Excerpts from a dataset
-- Opening Marker --

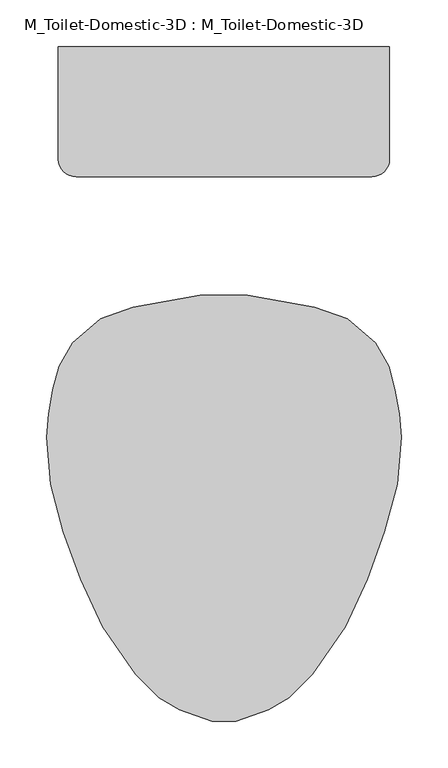
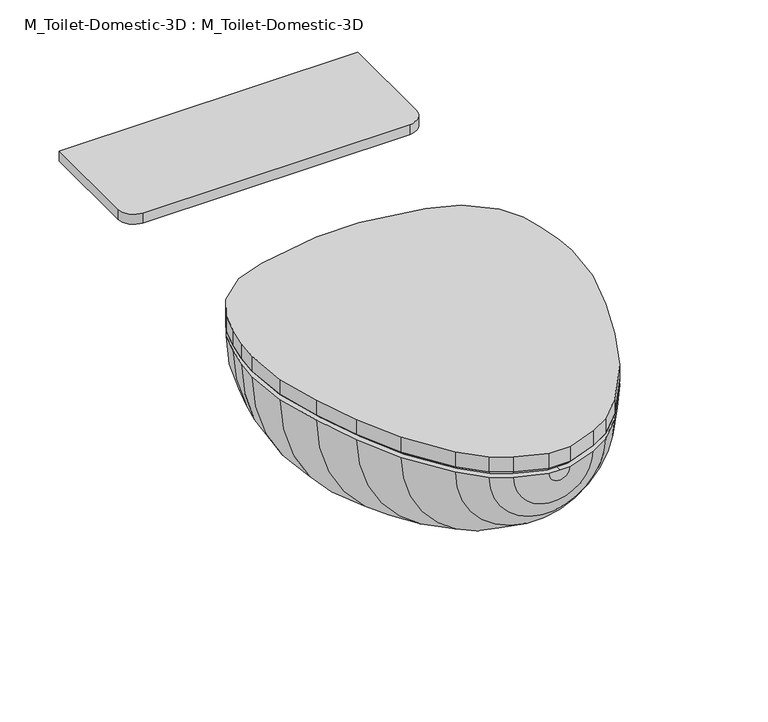
"""IFC4 building model written with IfcOpenShell, lengths in millimetres: flow terminal geometry, M_Toilet-Domestic-3D : M_Toilet-Domestic-3D."""

from ifc_helpers import new_model, si_unit, point, frame, frame_2d, origin, place, context, project, spatial, polyline, circle_curve, trimmed, segment, composite_curve, outline, extrude, faceted_brep, source, transform, mapped, element, save
from ifc_brep_helpers import plane_surface, revolved_surface, advanced_brep


def m_toilet_domestic_3d_m_toilet_domestic_3d_183bbd19(model_context):
    return source(origin(), model_context, "Body", "SolidModel", [
        advanced_brep(
        [(-25.4, 152.4, 361.95), (-97.4252791, 139.7, 361.95), (-132.3182423, 127.0, 361.95), (-162.5887836, 101.6, 361.95), (-176.9845865, 76.2, 361.95), (-183.790496, 50.8, 361.95), (-188.2862441, 25.3033453, 361.95), (-190.5, 0.0, 361.95), (-186.0724883, -50.6066907, 361.95), (-172.4088722, -101.6, 361.95), (-153.9191843, -152.4, 361.95), (-130.2307553, -203.2, 361.95), (-94.9900085, -254.0, 361.95), (-69.5900085, -279.4, 361.95), (-47.5929632, -292.1, 361.95), (-12.7, -304.8, 361.95), (0.0, -304.8, 361.95), (0.0, -284.592034, 361.95), (-12.5224565, -284.592034, 361.95), (-39.5113323, -274.7688865, 361.95), (-58.4178985, -263.8531754, 361.95), (-79.2146703, -243.0564036, 361.95), (-114.0255101, -192.8761202, 361.95), (-136.654021, -144.3491221, 361.95), (-154.575847, -95.1093097, 361.95), (-167.7238545, -46.0402777, 361.95), (-171.5645445, -2.1409906, 361.95), (-169.3087351, 23.6430284, 361.95), (-165.101298, 47.5045901, 361.95), (-159.5484355, 68.2281551, 361.95), (-146.1085923, 90.5605136, 361.95), (-121.9980886, 110.7916284, 361.95), (-94.1172813, 120.9394123, 361.95), (-22.0920022, 133.6394123, 361.95), (0.0, 133.6394123, 361.95), (0.0, 152.4, 361.95), (25.4, 152.4, 361.95), (22.0920022, 133.6394123, 361.95), (94.1172813, 120.9394123, 361.95), (121.9980886, 110.7916284, 361.95), (146.1085923, 90.5605136, 361.95), (159.5484355, 68.2281551, 361.95), (165.101298, 47.5045901, 361.95), (169.3087351, 23.6430284, 361.95), (171.5645445, -2.1409906, 361.95), (167.7238545, -46.0402777, 361.95), (154.575847, -95.1093097, 361.95), (136.654021, -144.3491221, 361.95), (114.0255101, -192.8761202, 361.95), (79.2146703, -243.0564036, 361.95), (58.4178985, -263.8531754, 361.95), (39.5113323, -274.7688865, 361.95), (12.5224565, -284.592034, 361.95), (12.7, -304.8, 361.95), (47.5929632, -292.1, 361.95), (69.5900085, -279.4, 361.95), (94.9900085, -254.0, 361.95), (130.2307553, -203.2, 361.95), (153.9191843, -152.4, 361.95), (172.4088722, -101.6, 361.95), (186.0724883, -50.6066907, 361.95), (190.5, 0.0, 361.95), (188.2862441, 25.3033453, 361.95), (183.790496, 50.8, 361.95), (176.9845865, 76.2, 361.95), (162.5887836, 101.6, 361.95), (132.3182423, 127.0, 361.95), (97.4252791, 139.7, 361.95)],
        [
            (0, 1),
            (1, 2),
            (2, 3),
            (3, 4),
            (4, 5),
            (5, 6),
            (6, 7),
            (7, 8),
            (8, 9),
            (9, 10),
            (10, 11),
            (11, 12),
            (12, 13),
            (13, 14),
            (14, 15),
            (15, 16),
            (16, 17),
            (17, 18),
            (18, 19),
            (19, 20),
            (20, 21),
            (21, 22),
            (22, 23),
            (23, 24),
            (24, 25),
            (25, 26),
            (26, 27),
            (27, 28),
            (28, 29),
            (29, 30),
            (30, 31),
            (31, 32),
            (32, 33),
            (33, 34),
            (34, 35),
            (35, 0),
            (36, 35),
            (34, 37),
            (37, 38),
            (38, 39),
            (39, 40),
            (40, 41),
            (41, 42),
            (42, 43),
            (43, 44),
            (44, 45),
            (45, 46),
            (46, 47),
            (47, 48),
            (48, 49),
            (49, 50),
            (50, 51),
            (51, 52),
            (52, 17),
            (16, 53),
            (53, 54),
            (54, 55),
            (55, 56),
            (56, 57),
            (57, 58),
            (58, 59),
            (59, 60),
            (60, 61),
            (61, 62),
            (62, 63),
            (63, 64),
            (64, 65),
            (65, 66),
            (66, 67),
            (67, 36),
            (67, 1, circle_curve(frame((0.0, 139.7, 361.95), z_axis=(0.0, 1.0, 0.0), x_axis=(-1.0, 0.0, 0.0)), 97.4252791)),
            (0, 36, circle_curve(frame((0.0, 152.4, 361.95), z_axis=(0.0, -1.0, 0.0), x_axis=(-1.0, 0.0, 0.0)), 25.4)),
            (66, 2, circle_curve(frame((0.0, 127.0, 361.95), z_axis=(0.0, 1.0, 0.0), x_axis=(-1.0, 0.0, 0.0)), 132.3182423)),
            (65, 3, circle_curve(frame((0.0, 101.6, 361.95), z_axis=(0.0, 1.0, 0.0), x_axis=(-1.0, 0.0, 0.0)), 162.5887836)),
            (64, 4, circle_curve(frame((0.0, 76.2, 361.95), z_axis=(0.0, 1.0, 0.0), x_axis=(-1.0, 0.0, 0.0)), 176.9845865)),
            (63, 5, circle_curve(frame((0.0, 50.8, 361.95), z_axis=(0.0, 1.0, 0.0), x_axis=(-1.0, 0.0, 0.0)), 183.790496)),
            (62, 6, circle_curve(frame((0.0, 25.3033453, 361.95), z_axis=(0.0, 1.0, 0.0), x_axis=(-1.0, 0.0, 0.0)), 188.2862441)),
            (61, 7, circle_curve(frame((0.0, 0.0, 361.95), z_axis=(0.0, 1.0, 0.0), x_axis=(-1.0, 0.0, 0.0)), 190.5)),
            (60, 8, circle_curve(frame((0.0, -50.6066907, 361.95), z_axis=(0.0, 1.0, 0.0), x_axis=(-1.0, 0.0, 0.0)), 186.0724883)),
            (59, 9, circle_curve(frame((0.0, -101.6, 361.95), z_axis=(0.0, 1.0, 0.0), x_axis=(-1.0, 0.0, 0.0)), 172.4088722)),
            (58, 10, circle_curve(frame((0.0, -152.4, 361.95), z_axis=(0.0, 1.0, 0.0), x_axis=(-1.0, 0.0, 0.0)), 153.9191843)),
            (57, 11, circle_curve(frame((0.0, -203.2, 361.95), z_axis=(0.0, 1.0, 0.0), x_axis=(-1.0, 0.0, 0.0)), 130.2307553)),
            (56, 12, circle_curve(frame((0.0, -254.0, 361.95), z_axis=(0.0, 1.0, 0.0), x_axis=(-1.0, 0.0, 0.0)), 94.9900085)),
            (55, 13, circle_curve(frame((0.0, -279.4, 361.95), z_axis=(0.0, 1.0, 0.0), x_axis=(-1.0, 0.0, 0.0)), 69.5900085)),
            (54, 14, circle_curve(frame((0.0, -292.1, 361.95), z_axis=(0.0, 1.0, 0.0), x_axis=(-1.0, 0.0, 0.0)), 47.5929632)),
            (53, 15, circle_curve(frame((0.0, -304.8, 361.95), z_axis=(0.0, 1.0, 0.0), x_axis=(-1.0, 0.0, 0.0)), 12.7)),
            (52, 18, circle_curve(frame((0.0, -284.592034, 361.95), z_axis=(0.0, 1.0, 0.0), x_axis=(-1.0, 0.0, 0.0)), 12.5224565)),
            (51, 19, circle_curve(frame((0.0, -274.7688865, 361.95), z_axis=(0.0, 1.0, 0.0), x_axis=(-1.0, 0.0, 0.0)), 39.5113323)),
            (50, 20, circle_curve(frame((0.0, -263.8531754, 361.95), z_axis=(0.0, 1.0, 0.0), x_axis=(-1.0, 0.0, 0.0)), 58.4178985)),
            (49, 21, circle_curve(frame((0.0, -243.0564036, 361.95), z_axis=(0.0, 1.0, 0.0), x_axis=(-1.0, 0.0, 0.0)), 79.2146703)),
            (48, 22, circle_curve(frame((0.0, -192.8761202, 361.95), z_axis=(0.0, 1.0, 0.0), x_axis=(-1.0, 0.0, 0.0)), 114.0255101)),
            (47, 23, circle_curve(frame((0.0, -144.3491221, 361.95), z_axis=(0.0, 1.0, 0.0), x_axis=(-1.0, 0.0, 0.0)), 136.654021)),
            (46, 24, circle_curve(frame((0.0, -95.1093097, 361.95), z_axis=(0.0, 1.0, 0.0), x_axis=(-1.0, 0.0, 0.0)), 154.575847)),
            (45, 25, circle_curve(frame((0.0, -46.0402777, 361.95), z_axis=(0.0, 1.0, 0.0), x_axis=(-1.0, 0.0, 0.0)), 167.7238545)),
            (44, 26, circle_curve(frame((0.0, -2.1409906, 361.95), z_axis=(0.0, 1.0, 0.0), x_axis=(-1.0, 0.0, 0.0)), 171.5645445)),
            (43, 27, circle_curve(frame((0.0, 23.6430284, 361.95), z_axis=(0.0, 1.0, 0.0), x_axis=(-1.0, 0.0, 0.0)), 169.3087351)),
            (42, 28, circle_curve(frame((0.0, 47.5045901, 361.95), z_axis=(0.0, 1.0, 0.0), x_axis=(-1.0, 0.0, 0.0)), 165.101298)),
            (41, 29, circle_curve(frame((0.0, 68.2281551, 361.95), z_axis=(0.0, 1.0, 0.0), x_axis=(-1.0, 0.0, 0.0)), 159.5484355)),
            (40, 30, circle_curve(frame((0.0, 90.5605136, 361.95), z_axis=(0.0, 1.0, 0.0), x_axis=(-1.0, 0.0, 0.0)), 146.1085923)),
            (39, 31, circle_curve(frame((0.0, 110.7916284, 361.95), z_axis=(0.0, 1.0, 0.0), x_axis=(-1.0, 0.0, 0.0)), 121.9980886)),
            (38, 32, circle_curve(frame((0.0, 120.9394123, 361.95), z_axis=(0.0, 1.0, 0.0), x_axis=(-1.0, 0.0, 0.0)), 94.1172813)),
            (37, 33, circle_curve(frame((0.0, 133.6394123, 361.95), z_axis=(0.0, 1.0, 0.0), x_axis=(-1.0, 0.0, 0.0)), 22.0920022)),
        ],
        [
            plane_surface(frame((0.0, 175.1599017, 361.95), z_axis=(0.0, 0.0, 1.0), x_axis=(-1.0, 0.0, 0.0))),
            plane_surface(frame((0.0, 175.1599017, 361.95), z_axis=(0.0, 0.0, 1.0), x_axis=(1.0, 0.0, 0.0))),
            revolved_surface(polyline([(-25.4, 152.4, 361.95), (-97.4252791, 139.7, 361.95)]), (0.0, 175.1599017, 361.95), (0.0, -1.0, 0.0)),
            revolved_surface(polyline([(-97.4252791, 139.7, 361.95), (-132.3182423, 127.0, 361.95)]), (0.0, 175.1599017, 361.95), (0.0, -1.0, 0.0)),
            revolved_surface(polyline([(-132.3182423, 127.0, 361.95), (-162.5887836, 101.6, 361.95)]), (0.0, 175.1599017, 361.95), (0.0, -1.0, 0.0)),
            revolved_surface(polyline([(-162.5887836, 101.6, 361.95), (-176.9845865, 76.2, 361.95)]), (0.0, 175.1599017, 361.95), (0.0, -1.0, 0.0)),
            revolved_surface(polyline([(-176.9845865, 76.2, 361.95), (-183.790496, 50.8, 361.95)]), (0.0, 175.1599017, 361.95), (0.0, -1.0, 0.0)),
            revolved_surface(polyline([(-183.790496, 50.8, 361.95), (-188.2862441, 25.3033453, 361.95)]), (0.0, 175.1599017, 361.95), (0.0, -1.0, 0.0)),
            revolved_surface(polyline([(-188.2862441, 25.3033453, 361.95), (-190.5, 0.0, 361.95)]), (0.0, 175.1599017, 361.95), (0.0, -1.0, 0.0)),
            revolved_surface(polyline([(-190.5, 0.0, 361.95), (-186.0724883, -50.6066907, 361.95)]), (0.0, 175.1599017, 361.95), (0.0, -1.0, 0.0)),
            revolved_surface(polyline([(-186.0724883, -50.6066907, 361.95), (-172.4088722, -101.6, 361.95)]), (0.0, 175.1599017, 361.95), (0.0, -1.0, 0.0)),
            revolved_surface(polyline([(-172.4088722, -101.6, 361.95), (-153.9191843, -152.4, 361.95)]), (0.0, 175.1599017, 361.95), (0.0, -1.0, 0.0)),
            revolved_surface(polyline([(-153.9191843, -152.4, 361.95), (-130.2307553, -203.2, 361.95)]), (0.0, 175.1599017, 361.95), (0.0, -1.0, 0.0)),
            revolved_surface(polyline([(-130.2307553, -203.2, 361.95), (-94.9900085, -254.0, 361.95)]), (0.0, 175.1599017, 361.95), (0.0, -1.0, 0.0)),
            revolved_surface(polyline([(-94.9900085, -254.0, 361.95), (-69.5900085, -279.4, 361.95)]), (0.0, 175.1599017, 361.95), (0.0, -1.0, 0.0)),
            revolved_surface(polyline([(-69.5900085, -279.4, 361.95), (-47.5929632, -292.1, 361.95)]), (0.0, 175.1599017, 361.95), (0.0, -1.0, 0.0)),
            revolved_surface(polyline([(-47.5929632, -292.1, 361.95), (-12.7, -304.8, 361.95)]), (0.0, 175.1599017, 361.95), (0.0, -1.0, 0.0)),
            plane_surface(frame((0.0, -304.8, 361.95), z_axis=(0.0, -1.0, 0.0), x_axis=(-1.0, 0.0, 0.0))),
            plane_surface(frame((0.0, -284.592034, 361.95), z_axis=(0.0, 1.0, 0.0), x_axis=(-1.0, 0.0, 0.0))),
            revolved_surface(polyline([(-12.5224565, -284.592034, 361.95), (-39.5113323, -274.7688865, 361.95)]), (0.0, 175.1599017, 361.95), (0.0, -1.0, 0.0)),
            revolved_surface(polyline([(-39.5113323, -274.7688865, 361.95), (-58.4178985, -263.8531754, 361.95)]), (0.0, 175.1599017, 361.95), (0.0, -1.0, 0.0)),
            revolved_surface(polyline([(-58.4178985, -263.8531754, 361.95), (-79.2146703, -243.0564036, 361.95)]), (0.0, 175.1599017, 361.95), (0.0, -1.0, 0.0)),
            revolved_surface(polyline([(-79.2146703, -243.0564036, 361.95), (-114.0255101, -192.8761202, 361.95)]), (0.0, 175.1599017, 361.95), (0.0, -1.0, 0.0)),
            revolved_surface(polyline([(-114.0255101, -192.8761202, 361.95), (-136.654021, -144.3491221, 361.95)]), (0.0, 175.1599017, 361.95), (0.0, -1.0, 0.0)),
            revolved_surface(polyline([(-136.654021, -144.3491221, 361.95), (-154.575847, -95.1093097, 361.95)]), (0.0, 175.1599017, 361.95), (0.0, -1.0, 0.0)),
            revolved_surface(polyline([(-154.575847, -95.1093097, 361.95), (-167.7238545, -46.0402777, 361.95)]), (0.0, 175.1599017, 361.95), (0.0, -1.0, 0.0)),
            revolved_surface(polyline([(-167.7238545, -46.0402777, 361.95), (-171.5645445, -2.1409906, 361.95)]), (0.0, 175.1599017, 361.95), (0.0, -1.0, 0.0)),
            revolved_surface(polyline([(-171.5645445, -2.1409906, 361.95), (-169.3087351, 23.6430284, 361.95)]), (0.0, 175.1599017, 361.95), (0.0, -1.0, 0.0)),
            revolved_surface(polyline([(-169.3087351, 23.6430284, 361.95), (-165.101298, 47.5045901, 361.95)]), (0.0, 175.1599017, 361.95), (0.0, -1.0, 0.0)),
            revolved_surface(polyline([(-165.101298, 47.5045901, 361.95), (-159.5484355, 68.2281551, 361.95)]), (0.0, 175.1599017, 361.95), (0.0, -1.0, 0.0)),
            revolved_surface(polyline([(-159.5484355, 68.2281551, 361.95), (-146.1085923, 90.5605136, 361.95)]), (0.0, 175.1599017, 361.95), (0.0, -1.0, 0.0)),
            revolved_surface(polyline([(-146.1085923, 90.5605136, 361.95), (-121.9980886, 110.7916284, 361.95)]), (0.0, 175.1599017, 361.95), (0.0, -1.0, 0.0)),
            revolved_surface(polyline([(-121.9980886, 110.7916284, 361.95), (-94.1172813, 120.9394123, 361.95)]), (0.0, 175.1599017, 361.95), (0.0, -1.0, 0.0)),
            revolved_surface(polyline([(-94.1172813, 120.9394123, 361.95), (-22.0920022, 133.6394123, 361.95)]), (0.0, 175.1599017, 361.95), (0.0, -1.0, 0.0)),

-- Closing Marker --

WHAT TO DO = If a line in the entries holds the string "import", it belongs in the tally; state the tally alone.

OUTPUT FOR THIS TASK = 2